Ne viene fuori un sistema che è fiaccato da una crisi identitaria, prima ancora che di liquidità. Scrive ancora Grosso che l’impoverimento “non è solo sul piano salariale o dei diritti: vengono penalizzati anche la qualità e il significato del lavoro svolto”. “L’operatore precario – continua – nell’occuparsi di persone che richiedono assistenza a lungo termine, s’ingaggia in un rapporto che, a causa del suo contratto a scadenza, lascerà un vuoto che altri dovranno poi colmare. Una frase che molti operatori che lavorano “a staffetta” si sentono ripetere è: ‘Mi scusi, ma lei è la quarta assistente sociale che si occupa di me; e non avrei più voglia di raccontare la mia vita’”.
Non bisogna guardare troppo lontano per osservare le concrete ricadute di tutto questo: a Torino, dove il libro è stato stampato, il mese scorso i dipendenti del welfare comunale sono entrati in stato d’agitazione, denunciando una vera e propria epidemiadi esaurimenti nervosi legati a turni massacranti, carenza di personale e blocco del turnover. La definizione corretta sarebbe “sindrome da burn-out”, una forte forma di esaurimento che colpisce soprattutto i professionisti dell’aiuto, ma che dalla giurisprudenza italiana non è ancora riconosciuta. Secondo quanto denunciato dai rappresentati sindacali, a innescare il tracollo degli operatori torinesi sarebbe stata soprattutto una serie di aggressioni, ad opera di cittadini esasperati da un welfare che, in assenza di risorse economiche, non può offrire altro che ascolto e comprensione.
“Il nostro sistema di welfare – puntualizza Chiara Saraceno, tra le più apprezzate sociologhe italiane, che proprio a Torino ha presentato il volume – ha sempre sofferto di una certa marginalità all’interno dell’ordinamento statale. Il problema è che questo deficit di legittimazione oggi si riflette anche sui professionisti del settore; i quali, già costretti a sopravvivere con stipendi da fame, si ritrovano in crisi anche sul piano della motivazione.

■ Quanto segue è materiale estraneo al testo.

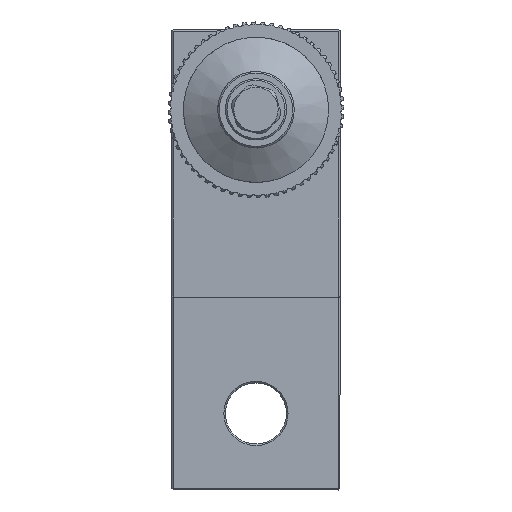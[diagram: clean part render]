
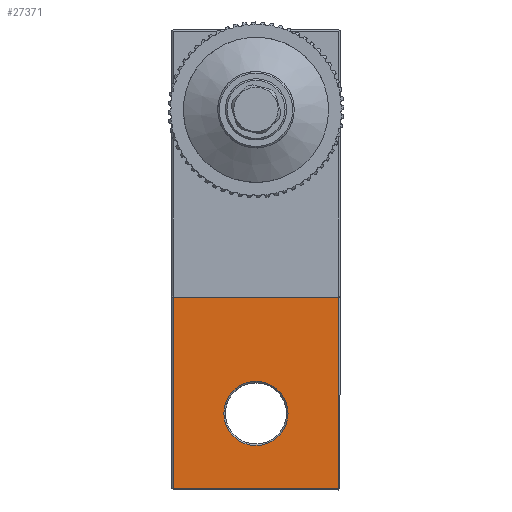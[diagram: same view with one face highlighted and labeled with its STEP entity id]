
A CAD part, top view. The second image highlights one B-rep face of the part: STEP entity #27371.
In plain terms, the highlighted planar face has unit normal (0, 0, 1).
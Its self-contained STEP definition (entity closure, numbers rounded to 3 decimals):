
#381 = DIRECTION ( 'NONE',  ( 1., 0., 0. ) ) ;
#511 = DIRECTION ( 'NONE',  ( 0., 0., -1. ) ) ;
#2952 = DIRECTION ( 'NONE',  ( -0.001, -1., 0. ) ) ;
#3732 = EDGE_CURVE ( 'NONE', #10282, #7189, #19170, .T. ) ;
#3796 = EDGE_CURVE ( 'NONE', #15205, #15205, #10028, .T. ) ;
#5065 = AXIS2_PLACEMENT_3D ( 'NONE', #12001, #5237, #9474 ) ;
#5237 = DIRECTION ( 'NONE',  ( 0., 0., 1. ) ) ;
#7189 = VERTEX_POINT ( 'NONE', #18733 ) ;
#8575 = CARTESIAN_POINT ( 'NONE',  ( 4.19, -32.6, 22. ) ) ;
#8903 = EDGE_CURVE ( 'NONE', #21352, #17947, #17749, .T. ) ;
#9196 = FACE_BOUND ( 'NONE', #11133, .T. ) ;
#9349 = ORIENTED_EDGE ( 'NONE', *, *, #3732, .T. ) ;
#9474 = DIRECTION ( 'NONE',  ( 1., 0., 0. ) ) ;
#10028 = CIRCLE ( 'NONE', #25357, 4.2 ) ;
#10282 = VERTEX_POINT ( 'NONE', #11800 ) ;
#11133 = EDGE_LOOP ( 'NONE', ( #25321 ) ) ;
#11800 = CARTESIAN_POINT ( 'NONE',  ( 10.785, -42.405, 22. ) ) ;
#11866 = PLANE ( 'NONE',  #5065 ) ;
#12001 = CARTESIAN_POINT ( 'NONE',  ( -11.015, -42.594, 22. ) ) ;
#12046 = CARTESIAN_POINT ( 'NONE',  ( 10.815, 17.195, 22. ) ) ;
#12583 = VECTOR ( 'NONE', #14303, 1000. ) ;
#13437 = ORIENTED_EDGE ( 'NONE', *, *, #25309, .T. ) ;
#14165 = LINE ( 'NONE', #12046, #12583 ) ;
#14303 = DIRECTION ( 'NONE',  ( -1., 0.001, 0. ) ) ;
#15205 = VERTEX_POINT ( 'NONE', #8575 ) ;
#16089 = DIRECTION ( 'NONE',  ( 1., -0.001, 0. ) ) ;
#17749 = LINE ( 'NONE', #24247, #26412 ) ;
#17947 = VERTEX_POINT ( 'NONE', #24507 ) ;
#18733 = CARTESIAN_POINT ( 'NONE',  ( 10.815, 17.195, 22. ) ) ;
#19170 = LINE ( 'NONE', #23385, #24456 ) ;
#19859 = CARTESIAN_POINT ( 'NONE',  ( -0.01, -32.6, 22. ) ) ;
#19893 = CARTESIAN_POINT ( 'NONE',  ( -10.815, -42.395, 22. ) ) ;
#19946 = ORIENTED_EDGE ( 'NONE', *, *, #20419, .T. ) ;
#20419 = EDGE_CURVE ( 'NONE', #7189, #21352, #14165, .T. ) ;
#21352 = VERTEX_POINT ( 'NONE', #25597 ) ;
#22441 = FACE_OUTER_BOUND ( 'NONE', #24016, .T. ) ;
#23385 = CARTESIAN_POINT ( 'NONE',  ( 10.785, -42.405, 22. ) ) ;
#24016 = EDGE_LOOP ( 'NONE', ( #9349, #19946, #26070, #13437 ) ) ;
#24247 = CARTESIAN_POINT ( 'NONE',  ( -10.785, 17.205, 22. ) ) ;
#24456 = VECTOR ( 'NONE', #25513, 1000. ) ;
#24507 = CARTESIAN_POINT ( 'NONE',  ( -10.815, -42.395, 22. ) ) ;
#24554 = LINE ( 'NONE', #19893, #27836 ) ;
#25309 = EDGE_CURVE ( 'NONE', #17947, #10282, #24554, .T. ) ;
#25321 = ORIENTED_EDGE ( 'NONE', *, *, #3796, .T. ) ;
#25357 = AXIS2_PLACEMENT_3D ( 'NONE', #19859, #511, #381 ) ;
#25513 = DIRECTION ( 'NONE',  ( 0.001, 1., 0. ) ) ;
#25597 = CARTESIAN_POINT ( 'NONE',  ( -10.785, 17.205, 22. ) ) ;
#26070 = ORIENTED_EDGE ( 'NONE', *, *, #8903, .T. ) ;
#26412 = VECTOR ( 'NONE', #2952, 1000. ) ;
#27371 = ADVANCED_FACE ( 'NONE', ( #22441, #9196 ), #11866, .T. ) ;
#27836 = VECTOR ( 'NONE', #16089, 1000. ) ;
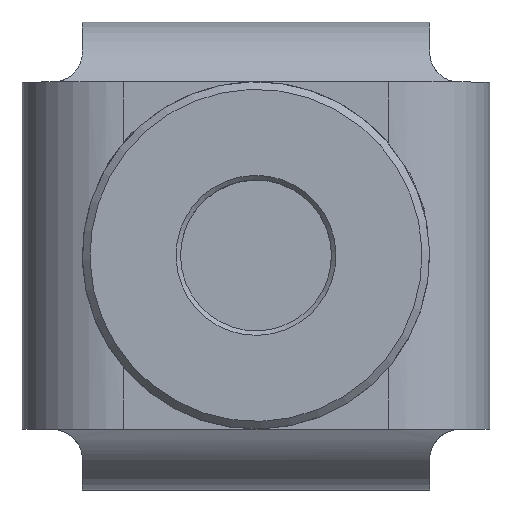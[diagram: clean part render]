
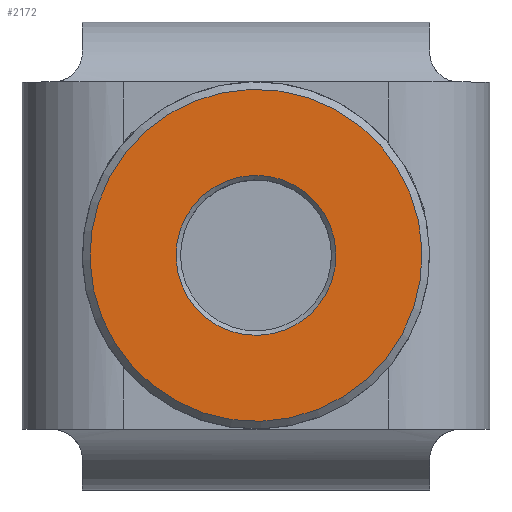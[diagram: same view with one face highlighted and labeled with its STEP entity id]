
A CAD part, top view. The second image highlights one B-rep face of the part: STEP entity #2172.
In plain terms, the highlighted planar face has unit normal (0, 0, 1).
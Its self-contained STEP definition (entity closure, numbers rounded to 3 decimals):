
#434=PLANE('',#2405);
#491=FACE_BOUND('',#800,.T.);
#612=FACE_OUTER_BOUND('',#799,.T.);
#799=EDGE_LOOP('',(#1793));
#800=EDGE_LOOP('',(#1794));
#940=CIRCLE('',#2403,11.);
#942=CIRCLE('',#2406,5.3);
#1107=VERTEX_POINT('',#3859);
#1109=VERTEX_POINT('',#3864);
#1358=EDGE_CURVE('',#1107,#1107,#940,.T.);
#1360=EDGE_CURVE('',#1109,#1109,#942,.T.);
#1793=ORIENTED_EDGE('',*,*,#1358,.F.);
#1794=ORIENTED_EDGE('',*,*,#1360,.F.);
#2172=ADVANCED_FACE('',(#612,#491),#434,.F.);
#2403=AXIS2_PLACEMENT_3D('',#3860,#2938,#2939);
#2405=AXIS2_PLACEMENT_3D('',#3863,#2942,#2943);
#2406=AXIS2_PLACEMENT_3D('',#3865,#2944,#2945);
#2938=DIRECTION('center_axis',(0.,0.,
-1.));
#2939=DIRECTION('ref_axis',(-0.62,-0.784,0.));
#2942=DIRECTION('center_axis',(0.,0.,
-1.));
#2943=DIRECTION('ref_axis',(-0.62,-0.784,0.));
#2944=DIRECTION('center_axis',(0.,0.,
1.));
#2945=DIRECTION('ref_axis',(-0.62,-0.784,0.));
#3859=CARTESIAN_POINT('',(-31.974,1.091,24.302));
#3860=CARTESIAN_POINT('Origin',(-38.796,-7.539,24.302));
#3863=CARTESIAN_POINT('Origin',(-38.796,-7.539,24.302));
#3864=CARTESIAN_POINT('',(-35.509,-3.381,24.302));
#3865=CARTESIAN_POINT('Origin',(-38.796,-7.539,24.302));

Si tratta di un meccanismo molto pericoloso, che rischia di incrinare una volta per tutte l’intero sistema. C’è tutto un capitale di competenze e professionalità che rischia di andare perduto per sempre.
Grande spazio nel libro è dedicato proprio all’emergere di queste forme di conflittualità, esasperate dagli scandali legati a Mafia Capitale e dal prepotente ritorno della xenofobia sulla scena politica italiana. “Oggi – spiega Morniroli – chi lavora nel sociale deve vedersela con un populismo dilagante che identifica come ‘nemici’ proprio quei soggetti che per primi sono interessati dal nostro lavoro: stranieri, tossicodipendenti, prostitute e così via. Questo però ci mette di fronte a una sfida, che ora più che mai dev’essere raccolta. Per quanto mi riguarda, non scorderò mai ciò che mi successe nel corso di un’assemblea pubblica in una municipalità di Napoli: un esponente della destra locale cercava di aizzare i presenti contro di me, accusandomi di sperperare denaro pubblico ‘per regalare preservativi alle nigeriane’. Ne venni fuori ricordando loro che molte prostitute saranno pure nigeriane, ma per il 90 per cento i clienti sono italianissimi, ed è alle loro famiglie che salviamo la pelle in questo modo. Oggi gli operatori devono abbandonare uffici, scrivanie e sociologia spicciola, per recuperare il contatto con la strada. Il nostro è un lavoro che si fa per amore del prossimo, e alienarsi la cittadinanza è un passo falso che ora più che mai non possiamo permetterci. Ma per far questo c’è bisogno che il nostro lavoro smetta di essere gratuitamente svilito” (ams)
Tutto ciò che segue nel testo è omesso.